Here are a few shots of one of my bookshelf tanks.

This is how it looked before my recent re-scape.










That's Apollo, one of my bettas there in the front. It was also housing 3 corydora habrosus, a couple of amano shrimp and a nerite snail.

I moved Apollo out to another tank to clear room for 3 pairs of Pseudomugil Gertrudae Aru II. I also did a re-scape. Here's the new look:










And, finally, with the newest inhabitants who arrived just today! Someday I'll get a better camera and you will actually be able to see my fish!










Currrent Tank Stats are:

6.6 Gallon Petco Bookshelf Aquarium
Filter: Aquaclear 20
Heater: generic 25 watt
Light: T8 15-watt 6700K bulb in stock fixture

Flora: Limnophila sessiliflora, Dwarf Hairgrass, Hydrocotyle sibthorpioides, [STRIKE]Apontogen crispus[/STRIKE], Blyxa jap, Wisteria, [STRIKE]Frogbit[/STRIKE], Duckweed, and some kind of crypt in the corner

Fauna: [STRIKE]Apollo the betta[/STRIKE], [STRIKE]3 pairs pseudomugil gertrudae aru ii[/STRIKE], [STRIKE]3 corydora habrosus[/STRIKE], Jasper the betta, couple of amanos, one nerite snail

I'm not sure that this will be my final stocking for this tank. All the fish except for one of the rainbows are still juvies, so for now there is room. I think that either the rainbows or the corys are probably going to move in the next couple of months. Most likely the rainbows will go to a 10 gallon and I'll get some microrasboras for this tank.


----------



## Eldachleich (Jul 9, 2011)

Looks good!! Way better than mine..


----------



## ikuzo (Jul 11, 2006)

duckweed roots looks awesome in the first pic.
may i suggest to trim the tip of those newly planted hairgrass to encourage them to spread more


----------



## FisheriesOmen (Jan 14, 2012)

ikuzo said:


> duckweed roots looks awesome in the first pic.


+1 to that


----------



## CrazyCatPeekin (Aug 15, 2011)

Yeah...I dig the duckweed roots, too.
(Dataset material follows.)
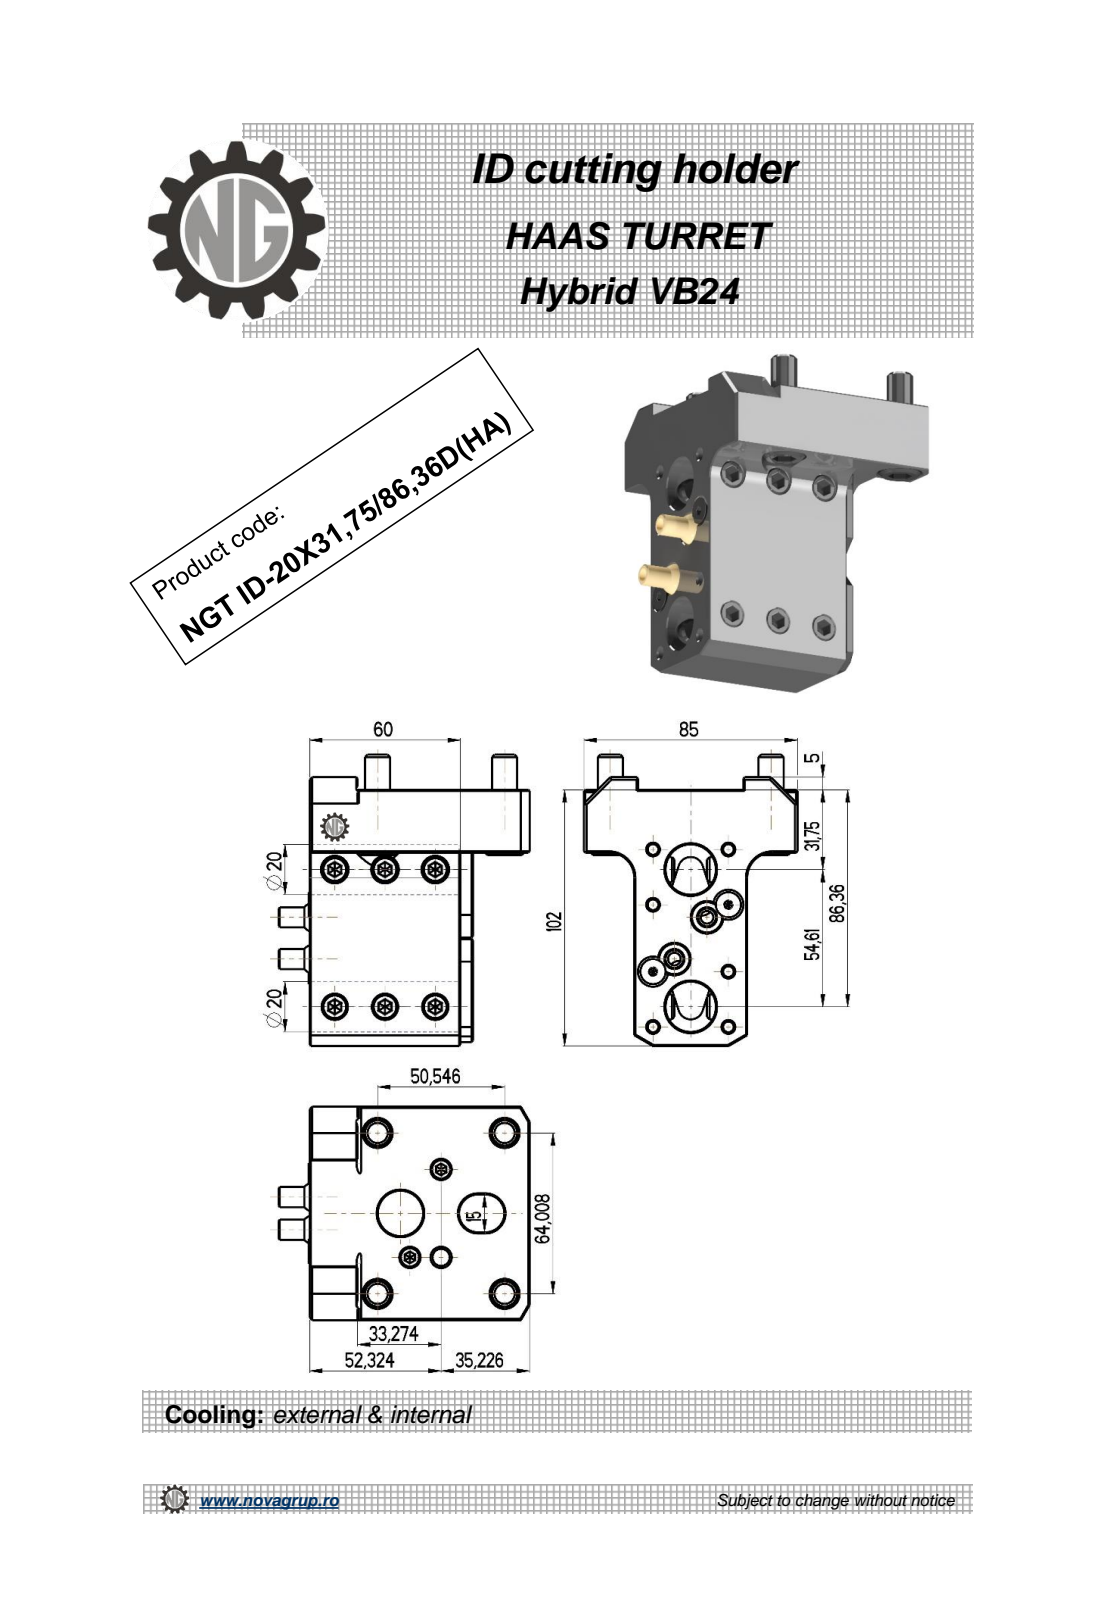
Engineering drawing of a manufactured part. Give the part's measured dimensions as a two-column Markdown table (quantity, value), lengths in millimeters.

I had fished most of it out to do the rescape, but they will be back. 

I will definitely trim the hairgrass. I had no idea that would help it spread. How much? A third or so? Less?

Thanks!


----------



## GMYukonon24s (May 3, 2009)

I like the roots too. Can't wait for the plant on the driftwood to fill in.


----------



## dasob85 (Feb 4, 2012)

i like the driftwood and the floaters


----------



## CrazyCatPeekin (Aug 15, 2011)

Well, this tank has changed a bit. The rainbows and corys have both been moved to other tanks and Jasper, a betta, is living in here right now with the nerite and amanos.
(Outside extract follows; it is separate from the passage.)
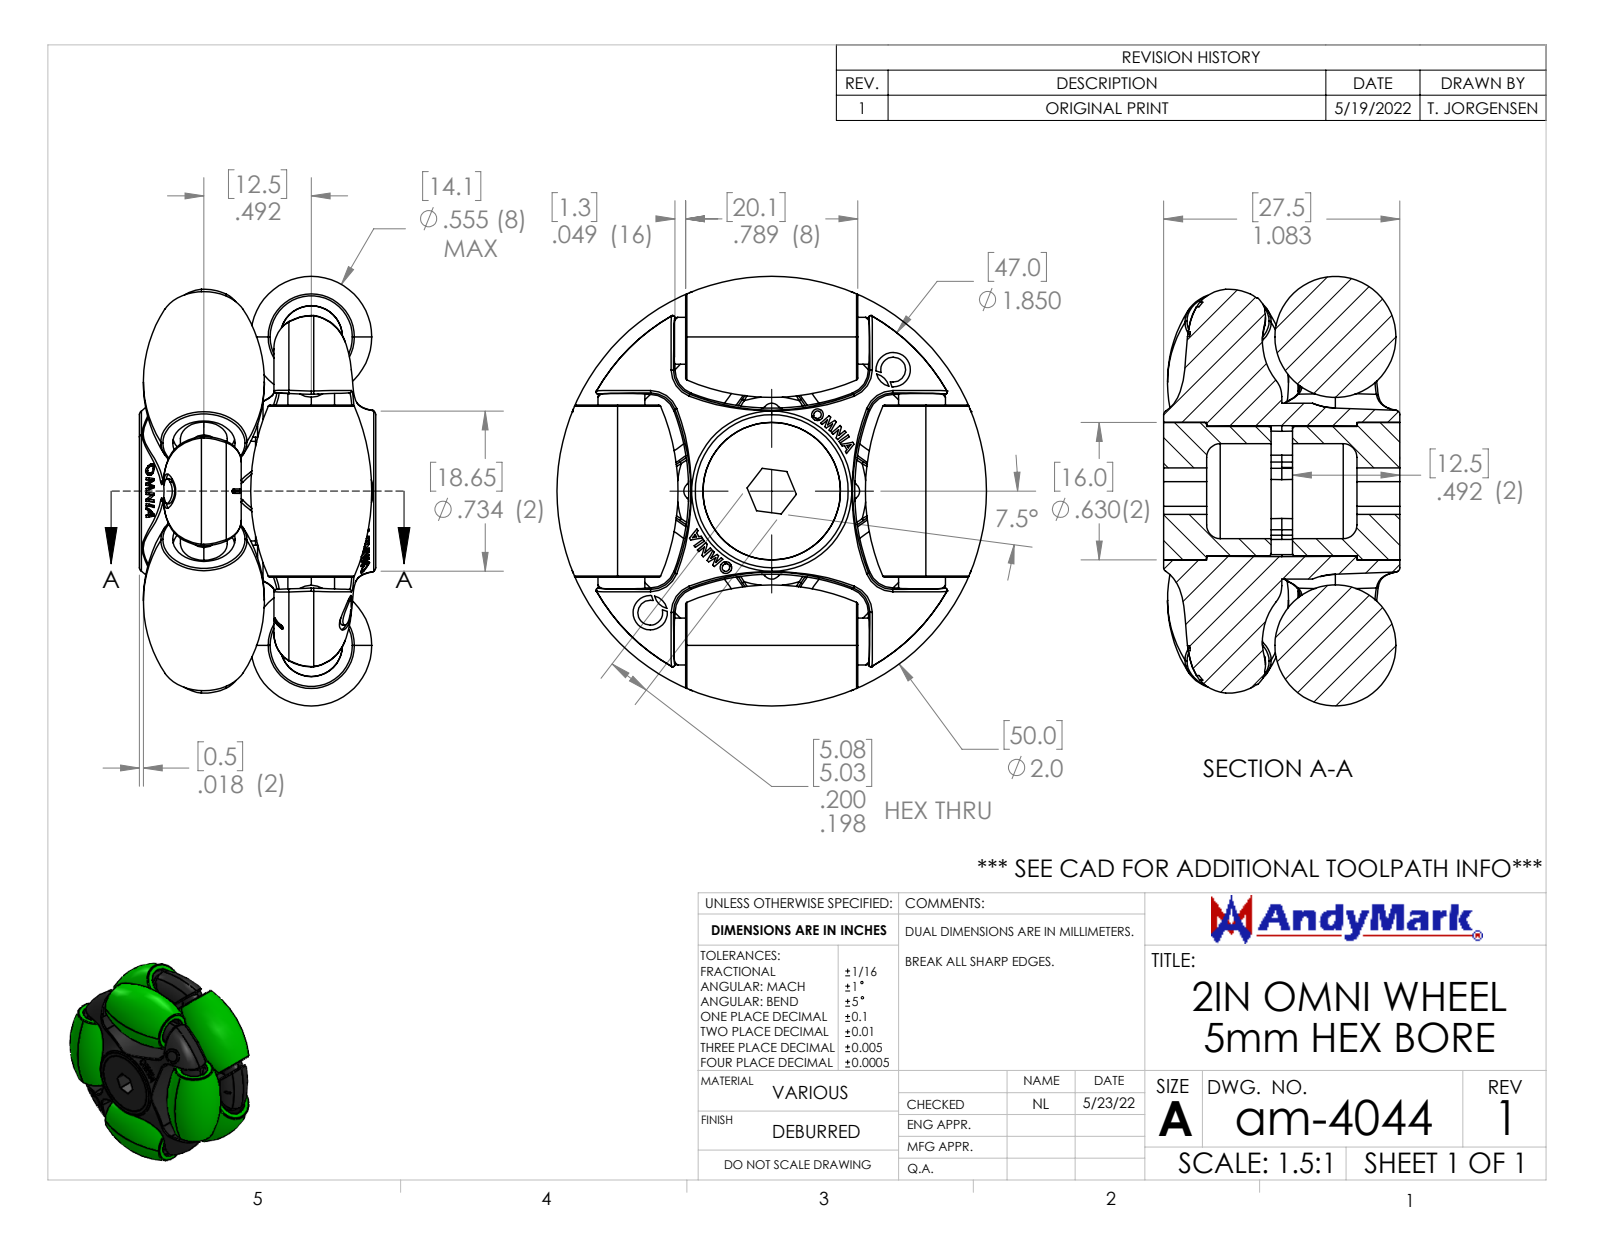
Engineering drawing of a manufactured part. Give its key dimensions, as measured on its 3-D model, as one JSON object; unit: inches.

I am considering taking this tank down and replacing it with a 10 gallon. My other bookshelf tank busted a seam and now I am not sure that I trust this one.


----------



## GMYukonon24s (May 3, 2009)

Sorry to hear about your luck.


----------



## FisheriesOmen (Jan 14, 2012)

Don't worry these things are reliable, there was a reefer on a Local Reef Forum who has an amazing reef tank in one of these. . . . it's definitely a lot riskier for saltwater.


----------